Your objective: Write out again only the lines that run from the start of the entries to the line containing "layer by layer", both included.

Data:
#####
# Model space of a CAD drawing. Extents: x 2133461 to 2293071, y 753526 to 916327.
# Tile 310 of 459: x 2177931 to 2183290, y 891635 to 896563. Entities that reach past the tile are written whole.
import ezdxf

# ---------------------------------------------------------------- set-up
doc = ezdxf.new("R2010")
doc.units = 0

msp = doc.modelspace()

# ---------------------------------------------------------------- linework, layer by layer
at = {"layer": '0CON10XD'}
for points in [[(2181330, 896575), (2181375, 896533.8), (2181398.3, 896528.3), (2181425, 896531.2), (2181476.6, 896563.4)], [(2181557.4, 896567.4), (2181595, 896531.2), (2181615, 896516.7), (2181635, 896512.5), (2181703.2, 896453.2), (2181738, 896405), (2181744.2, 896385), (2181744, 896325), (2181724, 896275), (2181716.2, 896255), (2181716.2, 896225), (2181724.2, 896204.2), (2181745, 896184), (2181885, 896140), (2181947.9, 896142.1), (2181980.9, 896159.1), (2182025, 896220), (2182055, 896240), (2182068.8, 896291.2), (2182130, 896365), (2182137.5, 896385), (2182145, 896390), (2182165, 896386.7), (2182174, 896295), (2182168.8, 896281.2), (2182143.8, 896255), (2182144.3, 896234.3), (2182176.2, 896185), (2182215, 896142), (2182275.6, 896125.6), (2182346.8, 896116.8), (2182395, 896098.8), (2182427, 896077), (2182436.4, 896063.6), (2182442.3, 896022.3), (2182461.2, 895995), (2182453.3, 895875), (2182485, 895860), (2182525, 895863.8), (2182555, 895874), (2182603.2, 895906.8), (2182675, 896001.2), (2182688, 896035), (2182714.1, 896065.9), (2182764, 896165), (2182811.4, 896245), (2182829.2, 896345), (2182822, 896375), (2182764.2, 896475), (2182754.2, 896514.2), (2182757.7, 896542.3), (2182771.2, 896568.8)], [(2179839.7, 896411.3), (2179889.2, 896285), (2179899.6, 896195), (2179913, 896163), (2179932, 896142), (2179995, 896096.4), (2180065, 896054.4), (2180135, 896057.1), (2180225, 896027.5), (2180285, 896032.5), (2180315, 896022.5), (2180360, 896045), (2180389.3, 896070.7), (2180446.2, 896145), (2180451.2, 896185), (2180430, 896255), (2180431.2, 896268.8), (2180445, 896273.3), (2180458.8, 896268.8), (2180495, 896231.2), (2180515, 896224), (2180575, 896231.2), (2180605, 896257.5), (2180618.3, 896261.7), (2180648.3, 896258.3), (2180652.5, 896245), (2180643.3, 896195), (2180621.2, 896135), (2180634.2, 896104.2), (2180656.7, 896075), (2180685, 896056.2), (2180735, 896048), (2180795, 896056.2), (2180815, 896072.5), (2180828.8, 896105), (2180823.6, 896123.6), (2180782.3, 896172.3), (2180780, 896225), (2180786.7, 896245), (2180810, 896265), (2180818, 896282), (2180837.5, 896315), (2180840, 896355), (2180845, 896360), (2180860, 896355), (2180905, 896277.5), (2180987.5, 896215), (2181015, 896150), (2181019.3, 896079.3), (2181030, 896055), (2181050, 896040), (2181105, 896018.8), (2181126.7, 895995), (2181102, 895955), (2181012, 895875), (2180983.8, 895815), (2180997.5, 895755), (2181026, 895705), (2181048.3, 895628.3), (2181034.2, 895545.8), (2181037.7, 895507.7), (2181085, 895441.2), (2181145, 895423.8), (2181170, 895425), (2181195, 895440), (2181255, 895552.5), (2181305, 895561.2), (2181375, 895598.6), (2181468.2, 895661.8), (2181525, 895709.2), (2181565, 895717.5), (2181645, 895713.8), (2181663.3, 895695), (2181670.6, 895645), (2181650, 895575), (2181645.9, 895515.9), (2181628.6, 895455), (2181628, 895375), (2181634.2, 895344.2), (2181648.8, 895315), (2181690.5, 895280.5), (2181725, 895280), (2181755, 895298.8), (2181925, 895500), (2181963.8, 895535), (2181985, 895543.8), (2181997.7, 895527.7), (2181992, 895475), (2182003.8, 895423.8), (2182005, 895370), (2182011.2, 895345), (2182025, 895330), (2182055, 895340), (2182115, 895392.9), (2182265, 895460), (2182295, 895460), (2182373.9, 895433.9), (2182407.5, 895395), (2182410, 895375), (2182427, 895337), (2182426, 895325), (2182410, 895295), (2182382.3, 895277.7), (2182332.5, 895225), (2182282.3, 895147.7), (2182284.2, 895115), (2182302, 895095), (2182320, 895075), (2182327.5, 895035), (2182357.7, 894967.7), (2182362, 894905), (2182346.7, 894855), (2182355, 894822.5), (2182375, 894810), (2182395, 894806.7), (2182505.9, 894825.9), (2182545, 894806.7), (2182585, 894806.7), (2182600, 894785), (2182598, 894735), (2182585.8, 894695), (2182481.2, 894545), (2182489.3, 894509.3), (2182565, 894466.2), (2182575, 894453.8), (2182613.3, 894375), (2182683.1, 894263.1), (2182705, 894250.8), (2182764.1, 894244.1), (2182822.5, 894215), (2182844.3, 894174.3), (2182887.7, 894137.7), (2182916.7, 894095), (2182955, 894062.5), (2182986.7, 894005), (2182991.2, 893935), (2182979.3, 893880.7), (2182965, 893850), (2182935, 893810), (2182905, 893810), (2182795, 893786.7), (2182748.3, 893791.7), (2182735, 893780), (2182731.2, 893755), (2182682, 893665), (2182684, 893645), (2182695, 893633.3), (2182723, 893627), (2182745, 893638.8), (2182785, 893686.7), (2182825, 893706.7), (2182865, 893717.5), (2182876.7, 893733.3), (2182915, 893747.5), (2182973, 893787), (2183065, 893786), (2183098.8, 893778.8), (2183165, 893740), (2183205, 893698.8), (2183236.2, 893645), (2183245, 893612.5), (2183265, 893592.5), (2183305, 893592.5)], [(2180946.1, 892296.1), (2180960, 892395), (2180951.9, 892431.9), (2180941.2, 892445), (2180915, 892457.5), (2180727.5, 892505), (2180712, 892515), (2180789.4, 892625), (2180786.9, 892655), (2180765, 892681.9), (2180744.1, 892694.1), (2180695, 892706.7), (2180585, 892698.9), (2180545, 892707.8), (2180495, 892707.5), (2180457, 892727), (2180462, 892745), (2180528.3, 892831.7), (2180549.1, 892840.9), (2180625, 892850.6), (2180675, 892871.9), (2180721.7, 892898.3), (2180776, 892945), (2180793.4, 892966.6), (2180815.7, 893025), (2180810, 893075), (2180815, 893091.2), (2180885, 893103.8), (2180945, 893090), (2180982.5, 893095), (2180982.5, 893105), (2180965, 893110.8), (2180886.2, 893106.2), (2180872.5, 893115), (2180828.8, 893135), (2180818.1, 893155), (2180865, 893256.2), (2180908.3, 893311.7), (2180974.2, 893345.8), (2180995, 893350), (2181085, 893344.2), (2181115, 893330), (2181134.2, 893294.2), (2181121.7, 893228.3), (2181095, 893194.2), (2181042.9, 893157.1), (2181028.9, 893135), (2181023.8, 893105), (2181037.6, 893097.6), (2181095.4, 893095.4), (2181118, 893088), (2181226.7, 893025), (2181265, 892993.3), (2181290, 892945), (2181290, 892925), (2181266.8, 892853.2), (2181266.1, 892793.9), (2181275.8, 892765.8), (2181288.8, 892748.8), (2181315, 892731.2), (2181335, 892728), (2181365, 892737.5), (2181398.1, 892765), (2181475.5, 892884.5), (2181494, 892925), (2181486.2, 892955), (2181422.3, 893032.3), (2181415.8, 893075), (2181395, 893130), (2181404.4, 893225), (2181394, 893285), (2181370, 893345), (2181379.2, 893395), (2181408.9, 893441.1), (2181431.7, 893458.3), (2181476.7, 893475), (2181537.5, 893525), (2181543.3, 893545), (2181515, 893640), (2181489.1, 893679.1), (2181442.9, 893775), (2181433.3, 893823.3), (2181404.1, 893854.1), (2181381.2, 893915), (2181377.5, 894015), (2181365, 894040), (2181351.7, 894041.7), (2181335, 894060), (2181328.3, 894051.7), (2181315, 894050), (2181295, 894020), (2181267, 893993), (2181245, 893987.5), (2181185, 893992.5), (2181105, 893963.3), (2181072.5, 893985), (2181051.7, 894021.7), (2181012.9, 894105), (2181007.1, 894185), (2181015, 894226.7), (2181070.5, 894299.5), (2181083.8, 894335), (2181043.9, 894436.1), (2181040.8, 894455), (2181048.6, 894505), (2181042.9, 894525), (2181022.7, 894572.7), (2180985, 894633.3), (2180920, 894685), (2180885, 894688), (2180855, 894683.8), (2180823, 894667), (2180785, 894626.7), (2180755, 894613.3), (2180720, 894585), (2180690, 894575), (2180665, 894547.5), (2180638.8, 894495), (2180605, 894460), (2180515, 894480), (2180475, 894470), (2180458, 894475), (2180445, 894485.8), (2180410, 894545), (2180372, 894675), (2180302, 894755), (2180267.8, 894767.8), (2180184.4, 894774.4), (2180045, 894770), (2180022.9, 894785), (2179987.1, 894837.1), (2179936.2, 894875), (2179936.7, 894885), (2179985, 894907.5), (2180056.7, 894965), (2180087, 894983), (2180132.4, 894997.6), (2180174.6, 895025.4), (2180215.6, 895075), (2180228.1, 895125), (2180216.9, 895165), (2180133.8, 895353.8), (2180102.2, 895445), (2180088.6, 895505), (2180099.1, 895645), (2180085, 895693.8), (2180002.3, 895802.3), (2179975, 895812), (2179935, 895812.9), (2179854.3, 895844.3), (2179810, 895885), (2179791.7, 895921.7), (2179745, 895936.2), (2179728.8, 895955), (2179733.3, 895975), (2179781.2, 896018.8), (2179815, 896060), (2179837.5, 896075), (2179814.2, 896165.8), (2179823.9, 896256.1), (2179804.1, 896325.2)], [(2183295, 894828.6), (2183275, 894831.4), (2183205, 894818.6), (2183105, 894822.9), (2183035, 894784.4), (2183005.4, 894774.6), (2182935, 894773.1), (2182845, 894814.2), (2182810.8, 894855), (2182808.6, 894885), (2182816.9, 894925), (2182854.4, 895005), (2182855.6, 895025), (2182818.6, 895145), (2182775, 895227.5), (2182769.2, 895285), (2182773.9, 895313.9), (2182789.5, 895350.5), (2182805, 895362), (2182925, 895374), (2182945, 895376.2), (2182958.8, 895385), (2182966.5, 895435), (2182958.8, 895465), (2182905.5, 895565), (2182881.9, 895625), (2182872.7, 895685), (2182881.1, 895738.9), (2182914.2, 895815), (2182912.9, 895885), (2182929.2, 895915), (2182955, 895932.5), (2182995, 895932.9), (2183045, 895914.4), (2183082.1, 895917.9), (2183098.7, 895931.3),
#####
Result of the exercise:
# Model space of a CAD drawing. Extents: x 2133461 to 2293071, y 753526 to 916327.
# Tile 310 of 459: x 2177931 to 2183290, y 891635 to 896563. Entities that reach past the tile are written whole.
import ezdxf

# ---------------------------------------------------------------- set-up
doc = ezdxf.new("R2010")
doc.units = 0

msp = doc.modelspace()

# ---------------------------------------------------------------- linework, layer by layer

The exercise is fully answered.